Knowing that a new bumper is around $175 to $200 from an auto parts supplier, that leaves about $350 for paint/prep. Keep in mind that is a brand new surface that just requires a light scuff. 

Labor is the biggest factor when you talk about any type of body work, the amount of prep needed to do a good job is pretty intensive, which translates to dollars on the consumer end...


----------



## MyCarIsRed (Aug 9, 2004)

pmarcuccijr said:


> I just got a quote to replace and repaint my mk2 big bumper.... $565
> 
> Knowing that a new bumper is around $175 to $200 from an auto parts supplier, that leaves about $350 for paint/prep. Keep in mind that is a brand new surface that just requires a light scuff.
> 
> Labor is the biggest factor when you talk about any type of body work, the amount of prep needed to do a good job is pretty intensive, which translates to dollars on the consumer end...


if you're not too far out in PA, i'll do it for less


----------



## pmarcuccijr (Sep 30, 2010)

Im in SE PA, about 1 hour north east of philly. 
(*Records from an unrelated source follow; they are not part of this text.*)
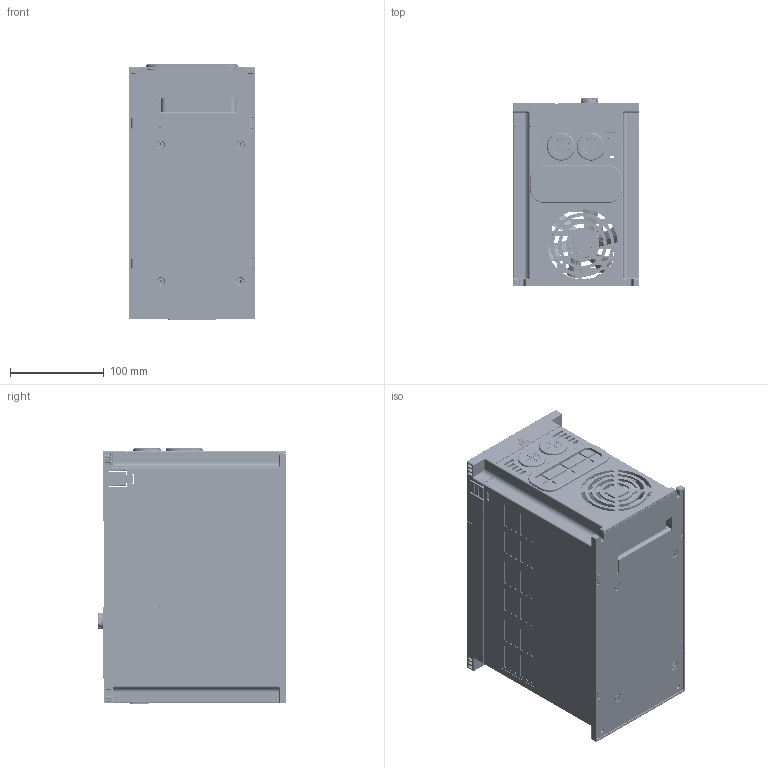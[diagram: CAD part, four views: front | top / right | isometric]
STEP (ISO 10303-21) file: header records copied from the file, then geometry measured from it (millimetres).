
FILE_DESCRIPTION (( 'STEP AP203' ), '1' );
FILE_NAME ('YD101-F3 (外发客户）.STEP', '2019-08-29T01:15:27', ( 'User' ), ( 'china' ), 'SwSTEP 2.0', 'SolidWorks 2017', '' );
FILE_SCHEMA (( 'CONFIG_CONTROL_DESIGN' ));
Products named in the file (31): YCON1059_Upper Cover-2; YCON1063_瑞絳啣(狟); YCON1061_菁啣; YCON1057_keypad downcover 12.06.28; YD101-F3  (外发客户）; YSCR142_諉華蹟佪M5-10; epk116vn-09p; RJ45 180僅 8p; YLAB053-054_硌尨腑梓ワ; YPCB125-126_电容板组立; TACTLE SWITCH SNTTYPE   ELTM-41; YCON1124_橈埽え(諷秶啣) ; YSCR057_M4-8; VR 10.12.07; YCON1060_Terminal Cover; YSCR098_蹟佪(菁啣)_B18.6.7M - M3 x 0.5 x 5 Type I Cross Recessed FHMS --5N; YSCR011_M3-8; YCON1058_KB-A011-2P-WP(帽子）12.04.12; YFAN044_FAN-8c-38W; YSCR144_蹟佪(眊极)_B18.6.7M - M3 x 0.5 x 5 Type I Cross Recessed FHMS --5N; YLAB040_MODEL LABEL ; YLAB036_KEYPADLABEL 12.6.27; YCON1058_keypad cover12.06.28; 橡胶塞 YD101 F3 13.08.06; YPCG017_敃侗; keypad 12.6.28; YPCBA109_keypad pcb 12.06.27; YCNT345; YLAB038_劑豢梓ワ; YCNT353_鞠褒翐 17mm_蕼偞; LED
Assembly tree (59 placements, depth 3):
  YD101-F3  (外发客户）
    YCON1060_Terminal Cover
    YFAN044_FAN-8c-38W
    keypad 12.6.28
      YCON1058_keypad cover12.06.28
      YPCBA109_keypad pcb 12.06.27
      LED
      YCON1057_keypad downcover 12.06.28
      RJ45 180僅 8p
      TACTLE SWITCH SNTTYPE   ELTM-41  x6
      VR 10.12.07
      YCON1058_KB-A011-2P-WP(帽子）12.04.12
      YLAB036_KEYPADLABEL 12.6.27
    YCNT353_鞠褒翐 17mm_蕼偞  x3
    YCON1061_菁啣
    YPCB125-126_电容板组立
      epk116vn-09p
    YSCR057_M4-8  x8
    YSCR011_M3-8  x3
    YLAB040_MODEL LABEL 
    YPCG017_敃侗  x2
    YLAB038_劑豢梓ワ
    YCON1063_瑞絳啣(狟)
    YSCR142_諉華蹟佪M5-10  x2
    YLAB053-054_硌尨腑梓ワ
    YCON1124_橈埽え(諷秶啣) 
    YSCR098_蹟佪(菁啣)_B18.6.7M - M3 x 0.5 x 5 Type I Cross Recessed FHMS --5N  x6
    YSCR144_蹟佪(眊极)_B18.6.7M - M3 x 0.5 x 5 Type I Cross Recessed FHMS --5N  x3
    橡胶塞 YD101 F3 13.08.06
    YCNT345  x5
    YCON1059_Upper Cover-2
Bounding box: 135 x 201.64 x 272.55 mm (x, y, z)
Volume: 674177.9 mm3; surface area: 674813.1 mm2
Topology: 116 solids, 127 shells, 14715 faces, 38452 edges, 24787 vertices
Faces by surface type: plane 8336, bspline 2882, cylinder 2601, cone 344, torus 309, sphere 243
Entity records: 514646 total; most frequent: CARTESIAN_POINT 225674, ORIENTED_EDGE 65430, DIRECTION 48372, EDGE_CURVE 32741, VERTEX_POINT 21189, LINE 20366, VECTOR 20366, AXIS2_PLACEMENT_3D 14003

Pep boys is actually paying for my bumper to be replaced and painted, I got lazy and had them do an oil change and paid the price heavily.... their shop monkey turned when reversing off the lift and clipped the corner of my bumper, ripping it clean off.... then they tried to lie about it and say i came in with a destroyed bumper


----------



## virginiadubbin (Nov 4, 2010)

taking the bumper and panel painting it is a bad idea, the paint code wont match perfectly in the mix, if there is no damage where the bumper meets the fender, have the painter blend it out right there. otherwise your bumper wont match right.


----------



## spitfire481 (Mar 21, 2007)

with spray out cards and tinting you can get a bumper to match just fine by itself. I have never had to blend for a bumper before


----------



## MyCarIsRed (Aug 9, 2004)

what most people don't realize is the bumpers don't match on most cars right from the dealer. the bumpers are painted in a different factory than the body. next time you drive down the street, look at almost any car on the road... you'll see a very slight variation in color. i don't know any shops that blend a bumper unless it's a 3 stage.


----------



## Jughead337 (May 13, 2008)

I just got a price of $1800 to repaint front and rear bumpers....repair front fender and re-weld notch in hood and re-spray as well.....seems pricey to me...they said the labor is in the front bumper....


----------



## AreEyeSee (Jul 11, 2010)

I just got a quote on mine.
Shave rubstrip markers and holes for front plate.
Paint the bumper and valance.
Paint rear valance.
$250 and I buy the supplies which are like $100. 
So yeah $350 is about right


----------



## DTMVDUB (Jun 5, 2003)

*$1,800*



Jughead337 said:


> I just got a price of $1800 to repaint front and rear bumpers....repair front fender and re-weld notch in hood and re-spray as well.....seems pricey to me...they said the labor is in the front bumper....


 Get another quote. They're ripping you off. At most, that job should be $1,000 - $1,200.


----------



## APURPLEKING (May 23, 2007)

MyCarIsRed said:


> what most people don't realize is the bumpers don't match on most cars right from the dealer. the bumpers are painted in a different factory than the body. next time you drive down the street, look at almost any car on the road... you'll see a very slight variation in color. i don't know any shops that blend a bumper unless it's a 3 stage.


 
^This... I couldn't believe all the BMW's and Lexus' I would see at the BMW bodyshop that had mismatched bumpers from the factory.


----------



## Jughead337 (May 13, 2008)

DTMVDUB said:


> Get another quote. They're ripping you off. At most, that job should be $1,000 - $1,200.


 Just got another quote of $1250 and this is with welding a boser in instead of repairing the notch....I am gonna go with this one....


----------